Like the other countries of Latin America, and indeed of the world, Mexico has taken the path of neoliberalism in economic policy; but - like everything Mexico does - it has done so with a difference, and a very significant difference.

Unlike what has happened in so many countries, where the new policies have met with elite dissent and popular resistance, in Mexico the new policies have been generally welcomed. This is because conditions had become so disastrous that everybody felt that a drastic change was long overdue and was willing to suspend disbelief long enough for the benefits of the new policies to become apparent. In fact, things were so disastrous that improvement was all but inevitable, whether new policies had been adopted or not. Nevertheless, it would be not only ungracious but inaccurate to ascribe the success of the policies of the current administration only to luck; a great deal of skill has been involved, skill beyond the level one has any right to expect, and beyond the level one has seen in action in most of the countries of the world. |The economic managers have been so adept ... that they have earned the right to say to their countrymen "Trust us".'(1)

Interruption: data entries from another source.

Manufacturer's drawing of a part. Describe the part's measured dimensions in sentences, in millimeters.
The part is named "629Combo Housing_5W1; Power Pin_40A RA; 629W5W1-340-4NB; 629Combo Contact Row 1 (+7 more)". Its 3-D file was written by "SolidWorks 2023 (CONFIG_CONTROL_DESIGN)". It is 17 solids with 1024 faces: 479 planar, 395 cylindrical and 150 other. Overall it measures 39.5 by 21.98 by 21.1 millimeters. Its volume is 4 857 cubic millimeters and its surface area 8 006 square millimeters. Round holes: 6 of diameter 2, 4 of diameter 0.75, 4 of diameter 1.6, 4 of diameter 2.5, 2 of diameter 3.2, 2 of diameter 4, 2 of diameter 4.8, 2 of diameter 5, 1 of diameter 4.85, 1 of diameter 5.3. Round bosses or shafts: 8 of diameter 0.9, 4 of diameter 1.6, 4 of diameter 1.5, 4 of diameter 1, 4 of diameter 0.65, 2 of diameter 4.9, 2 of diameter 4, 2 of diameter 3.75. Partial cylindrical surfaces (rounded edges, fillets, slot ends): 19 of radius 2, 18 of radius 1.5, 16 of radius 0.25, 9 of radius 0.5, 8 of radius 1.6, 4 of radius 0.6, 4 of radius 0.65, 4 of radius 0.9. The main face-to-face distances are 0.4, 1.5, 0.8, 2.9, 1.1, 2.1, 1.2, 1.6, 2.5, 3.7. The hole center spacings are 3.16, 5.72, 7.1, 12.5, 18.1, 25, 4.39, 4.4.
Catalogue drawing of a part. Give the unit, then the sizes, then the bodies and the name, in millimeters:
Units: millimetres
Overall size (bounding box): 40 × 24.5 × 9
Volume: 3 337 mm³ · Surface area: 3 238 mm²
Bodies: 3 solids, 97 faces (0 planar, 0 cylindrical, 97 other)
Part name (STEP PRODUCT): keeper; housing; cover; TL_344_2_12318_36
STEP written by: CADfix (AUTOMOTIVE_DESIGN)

The situation facing the incoming government of Carlos Salinas at the end of 1988 looked horrendous. Real per capita income had fallen to the levels of twenty years before; inflation was running at more than 150 per cent a year; the country had an external debt of almost a hundred billion dollars. Politically, the situation looked equally disastrous for the ruling Institutional Revolutionary Party (PRI). Salinas had just won the presidency with an official figure of 50.74 per cent of the vote, a majority so bare that it was universally believed to have been adjusted upward so that the government candidate would not take office with the indignity of having had a majority of the voters oppose him, by far the lowest proportion of the vote for a winning presidential candidate in this century.(2) The opposition on the left was …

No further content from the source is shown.